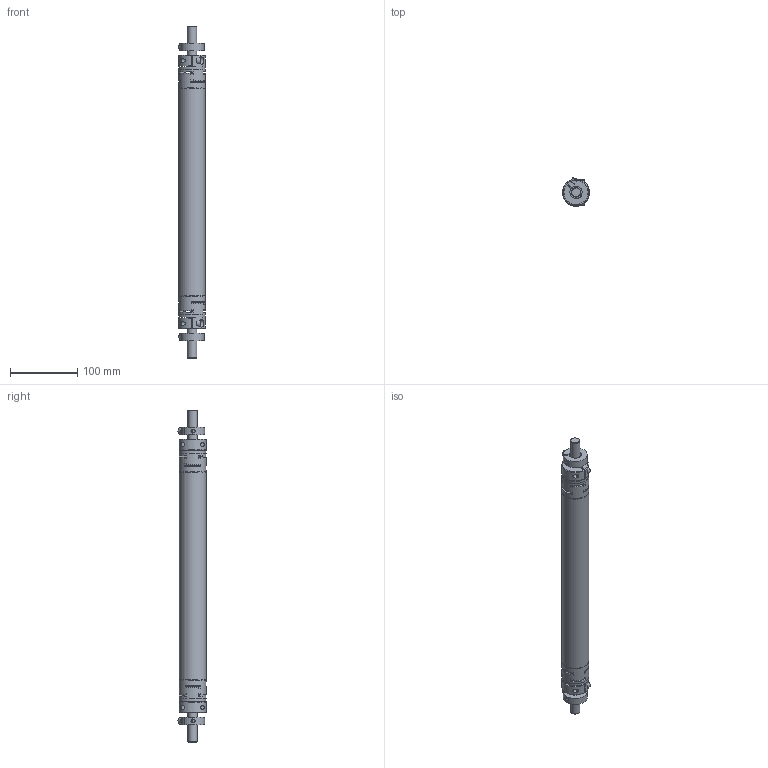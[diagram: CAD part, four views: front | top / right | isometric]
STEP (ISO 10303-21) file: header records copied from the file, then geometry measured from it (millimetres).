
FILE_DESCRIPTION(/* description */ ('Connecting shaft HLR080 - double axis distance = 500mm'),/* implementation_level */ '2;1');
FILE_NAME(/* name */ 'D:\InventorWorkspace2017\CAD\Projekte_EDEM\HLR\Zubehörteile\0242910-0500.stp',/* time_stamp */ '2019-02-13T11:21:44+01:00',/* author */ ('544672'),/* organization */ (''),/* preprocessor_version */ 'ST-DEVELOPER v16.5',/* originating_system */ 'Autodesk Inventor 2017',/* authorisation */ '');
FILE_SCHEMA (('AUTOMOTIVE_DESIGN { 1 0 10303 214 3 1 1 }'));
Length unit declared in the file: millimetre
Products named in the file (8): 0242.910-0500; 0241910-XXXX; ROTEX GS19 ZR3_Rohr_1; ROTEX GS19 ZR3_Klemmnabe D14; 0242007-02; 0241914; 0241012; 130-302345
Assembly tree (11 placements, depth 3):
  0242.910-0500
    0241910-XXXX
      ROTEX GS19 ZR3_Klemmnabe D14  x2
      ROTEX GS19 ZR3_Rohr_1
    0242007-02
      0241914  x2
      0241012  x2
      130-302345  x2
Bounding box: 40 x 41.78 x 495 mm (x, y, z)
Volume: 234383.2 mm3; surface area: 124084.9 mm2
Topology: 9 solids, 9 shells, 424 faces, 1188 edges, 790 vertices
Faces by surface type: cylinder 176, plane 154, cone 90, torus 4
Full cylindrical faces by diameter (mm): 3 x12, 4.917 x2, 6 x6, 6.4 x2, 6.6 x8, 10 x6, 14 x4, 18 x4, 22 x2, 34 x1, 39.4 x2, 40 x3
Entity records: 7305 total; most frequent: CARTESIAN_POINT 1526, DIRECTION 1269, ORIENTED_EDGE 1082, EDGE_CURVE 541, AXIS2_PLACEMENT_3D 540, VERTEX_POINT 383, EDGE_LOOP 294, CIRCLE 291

■ ■ ■ ■ ■

GOAL OF THE EXERCISE: Please write out the lines that run from the one with "Faces by surface" to the end of the records, both included, exactly as they appear.

ANSWER TO THIS TASK:
Faces by surface type: cylinder 176, plane 154, cone 90, torus 4
Full cylindrical faces by diameter (mm): 3 x12, 4.917 x2, 6 x6, 6.4 x2, 6.6 x8, 10 x6, 14 x4, 18 x4, 22 x2, 34 x1, 39.4 x2, 40 x3
Entity records: 7305 total; most frequent: CARTESIAN_POINT 1526, DIRECTION 1269, ORIENTED_EDGE 1082, EDGE_CURVE 541, AXIS2_PLACEMENT_3D 540, VERTEX_POINT 383, EDGE_LOOP 294, CIRCLE 291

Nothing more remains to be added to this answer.